Racism & Health
Photograph and text ©2007 by Julius Lester
It is an assumed medical fact that black people are more likely to have high blood pressure than whites. For decades it has also been assumed that this
tendency to high blood pressure had a physiologic or genetic base.Amazingly it had not occurred to anyone in the medical profession that the cause of black people’s high blood pressure might be, duh, white people.
According to the Boston Globe (Sunday, July 15), there is, at long last, data to confirm what blacks have known for decades, namely that the health of blacks is effected by racism.
A study of 334 midlife women “examined links between different kinds of stress and risk factors for heart disease and stroke.” Those black women who identified “racism as a source of stress in their lives” had more “plaque in their carotid arteries – an early sign of heart disease – than black women who didn’t.” This was the first study "to link hardening of the arteries to racial discrimination.”
Since 2000 there have been more than 100 studies that “document the effects of racial discrimination on physical health. Some link blood pressure to recollected encounters with bigotry. Others record the cardiovascular reactions of volunteers subject to racist imagery in a lab.”
Although many medical professionals are not ready to accept such studies as definitive, “the findings could profoundly change the way we look at both racism and health. It could unmask racism as bona fide public health problem,” just as child abuse and marital violence have come to be seen as “public health concerns.”
Researchers have noted that “pregnant women in California with Arabic names were suddenly more likely than any other group to deliver low birth-weight babies in the six months after 9/11.” Studies are being done, not only in the U.S. but “from Finland and Ireland to South Africa and New Zealand", and these studies are also finding “connections between racism and physical health in”, among others, Afro-Brazilians, "and black women in the Netherlands.”
Of course if Western medical thought had not been devoted to the ridiculous notion that there was no interaction between mind and body, the relationship between racism and health would have been known decades ago. Having grown up in the Midwest and the South of the 1940s and 1950s, I grew up with racial segregation. Even now, at age 68, I am aware that the wounds still pulsate. I try to walk two miles everyday. This involves walking a mile from my house along the semi-rural road where I live up to the railroad tracks (one mile) and back. There isn’t much traffic on the road, but not a day goes by, not a car goes past me that I don’t half-expect to hear a voice from one of those vehicles yell, “Nigger!” at me. One of the reasons I walk every day is to keep my blood pressure down. Ironically, expecting to having a pejorative shouted at me might be having the opposite effect. (Fear of racist pejoratives is the best excuse I've come up with to get out of exercising.)

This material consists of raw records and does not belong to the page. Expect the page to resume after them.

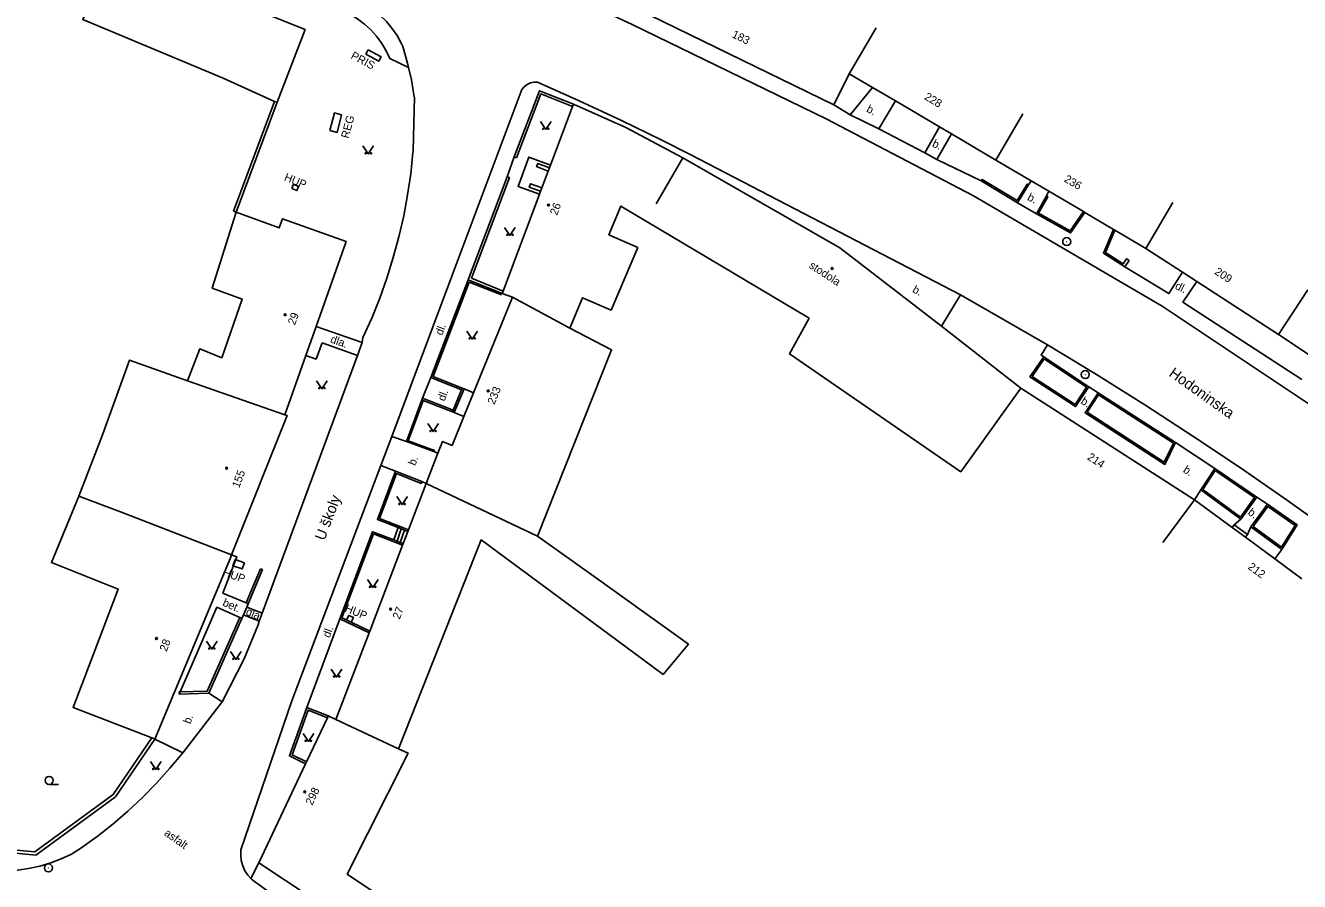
# Model space of a CAD drawing. Extents: x -582162 to -561283, y -1187583 to -1183539.
# Drawn here: x -578409.9 to -578290.5, y -1186104.2 to -1186024 of the extents above; entities that cross this region are included whole.
import ezdxf

# ---------------------------------------------------------------- set-up
doc = ezdxf.new("R2010")
doc.units = 0
for name, color, linetype in [('Vrstva 1', 7, 'Continuous'), ('Vrstva 10', 7, 'Continuous'), ('Vrstva 13', 7, 'Continuous'), ('Vrstva 14', 7, 'Continuous'), ('Vrstva 3', 7, 'Continuous'), ('Vrstva 4', 7, 'Continuous'), ('Vrstva 5', 7, 'Continuous'), ('Vrstva 6', 7, 'Continuous'), ('Vrstva 8', 7, 'Continuous'), ('Vrstva 9', 7, 'Continuous')]:
    doc.layers.add(name, color=color, linetype=linetype)

# ---------------------------------------------------------------- blocks, each defined once
blk = doc.blocks.new('1.079')
at = {"layer": 'Vrstva 1'}
for radius in [0.75, 0.001]:
    blk.add_circle((0, -0.001), radius, dxfattribs=at)
blk = doc.blocks.new('3.040')
at = {"layer": 'Vrstva 1'}
blk.add_line((0, -0.75), (1.75, -0.75), dxfattribs=at)
blk.add_circle((0, 0), 0.75, dxfattribs=at)
blk = doc.blocks.new('3.140')
at = {"layer": 'Vrstva 1'}
blk.add_lwpolyline([(-1, 1.5), (0, 0), (1, 1.5)], dxfattribs=at)
for centre in [(-0.5, 0.1), (0.5, 0.1)]:
    blk.add_circle(centre, 0.1, dxfattribs=at)
blk = doc.blocks.new('4.020')
at = {"layer": 'Vrstva 1'}
blk.add_circle((0, 0), 0.175, dxfattribs=at)

msp = doc.modelspace()

# ---------------------------------------------------------------- linework, layer by layer
at = {"layer": 'Vrstva 10'}
for points in [[(-578427.88, -1186000), (-578418.8, -1186004.29), (-578405.43, -1186010.15), (-578378.73, -1186021.68), (-578378, -1186022.06), (-578377.31, -1186022.51), (-578376.67, -1186023.02), (-578376.07, -1186023.6), (-578375.54, -1186024.23), (-578375.07, -1186024.91), (-578374.67, -1186025.63), (-578374.51, -1186025.97), (-578374.08, -1186027.52), (-578373.98, -1186027.94)], [(-578366.96, -1186000), (-578371.51, -1186010.78), (-578371.68, -1186011.05), (-578371.9, -1186011.53), (-578372.06, -1186012.04), (-578372.13, -1186012.57), (-578372.12, -1186013.1), (-578372.06, -1186013.41), (-578371.89, -1186013.94), (-578371.65, -1186014.44), (-578371.34, -1186014.9), (-578370.97, -1186015.31), (-578370.54, -1186015.67), (-578370.06, -1186015.96), (-578369.55, -1186016.18), (-578353.03, -1186023.9), (-578334.84, -1186032.75), (-578321.02, -1186039.95), (-578303.35, -1186050.31), (-578281.8, -1186064.68)], [(-578400.4, -1186013.8), (-578379.23, -1186023.07), (-578378.76, -1186023.37), (-578378.11, -1186023.85), (-578377.52, -1186024.4), (-578376.98, -1186025), (-578376.5, -1186025.66), (-578376.09, -1186026.36), (-578375.75, -1186027.09), (-578373.98, -1186027.94)], [(-578377.78, -1186026.28), (-578376.57, -1186026.93), (-578376.78, -1186027.33), (-578377.99, -1186026.68), (-578377.78, -1186026.28)], [(-578373.98, -1186027.94), (-578373.72, -1186029.08), (-578373.45, -1186030.67), (-578373.44, -1186030.72), (-578373.56, -1186035.66), (-578373.58, -1186035.88), (-578373.79, -1186037.88), (-578374.08, -1186039.86), (-578374.44, -1186041.84), (-578374.89, -1186043.8), (-578375.42, -1186045.74), (-578376.02, -1186047.66), (-578376.69, -1186049.55), (-578377.44, -1186051.42), (-578378.27, -1186053.25), (-578378.34, -1186053.71)], [(-578369.84, -1186047.25), (-578363.37, -1186030), (-578363.16, -1186029.73), (-578362.88, -1186029.52), (-578362.57, -1186029.37), (-578362.23, -1186029.3), (-578361.91, -1186029.31), (-578357.99, -1186031.04), (-578354.1, -1186032.85), (-578350.24, -1186034.73), (-578347.52, -1186036.11), (-578322.24, -1186049.25)], [(-578332.58, -1186032.35), (-578330.49, -1186029.81)], [(-578332.58, -1186032.35), (-578334.11, -1186031.42)], [(-578329.92, -1186033.67), (-578328.36, -1186031.06)], [(-578381.37, -1186033.84), (-578380.93, -1186032.19), (-578380.26, -1186032.37), (-578380.69, -1186034.02), (-578381.37, -1186033.84)], [(-578329.92, -1186033.67), (-578332.58, -1186032.35)], [(-578325.61, -1186035.92), (-578329.92, -1186033.67)], [(-578325.61, -1186035.92), (-578324.22, -1186033.49)], [(-578324.47, -1186036.54), (-578323.1, -1186034.15)], [(-578364.75, -1186038.17), (-578364.09, -1186036.31)], [(-578360.68, -1186037.08), (-578362.71, -1186036.33), (-578363.72, -1186039.07), (-578361.71, -1186039.81)], [(-578324.47, -1186036.54), (-578325.61, -1186035.92)], [(-578320.3, -1186038.55), (-578324.47, -1186036.54)], [(-578315.87, -1186038.92), (-578315.64, -1186038.54)], [(-578384.93, -1186039.26), (-578384.77, -1186038.87), (-578384.29, -1186039.07), (-578384.45, -1186039.47), (-578384.93, -1186039.26)], [(-578314.2, -1186039.97), (-578313.96, -1186039.53)], [(-578315.13, -1186041.63), (-578316.9, -1186040.6)], [(-578301.44, -1186047.12), (-578302.71, -1186049.12), (-578306.85, -1186046.61)], [(-578375.57, -1186062.52), (-578369.84, -1186047.25)], [(-578290.27, -1186057.18), (-578301.4, -1186049.93), (-578300.11, -1186047.98)], [(-578322.24, -1186049.25), (-578324.04, -1186052.18)], [(-578322.24, -1186049.25), (-578314.11, -1186053.93)], [(-578378.34, -1186053.71), (-578382.66, -1186052.2)], [(-578382.09, -1186053.75), (-578382.66, -1186055.26), (-578383.62, -1186054.92)], [(-578378.76, -1186054.94), (-578382.09, -1186053.75)], [(-578378.76, -1186054.94), (-578378.34, -1186053.71)], [(-578314.11, -1186053.93), (-578314.7, -1186054.88), (-578314.45, -1186055.05)], [(-578314.11, -1186053.93), (-578309.52, -1186056.71), (-578304.98, -1186059.56), (-578300.48, -1186062.48), (-578296.02, -1186065.46), (-578291.61, -1186068.51), (-578287.24, -1186071.63)], [(-578378.76, -1186054.94), (-578387.7, -1186079.07)], [(-578371.91, -1186056.98), (-578372.68, -1186058.94)], [(-578310.23, -1186057.86), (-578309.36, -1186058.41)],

Some medical professionals point out that even if racism is identified as having a negative impact on the health of blacks, there is nothing a doctor could do about it. That’s not so. If doctors took racism into account as an important factor in, say, high blood pressure among blacks, perhaps doctors would be less apt to place the entire responsibility for such health problems on us.
Having whites acknowledge that racism can effect the health of blacks would make us feel that we haven’t been overreacting just because we couldn’t prove that racism had negative effects on our health. Having whites acknowledge that racism can have a negative effect on our health blacks would make us feel less alone alone in the world. And that by itself would probably have a mitigating effect on a whole host of health problems.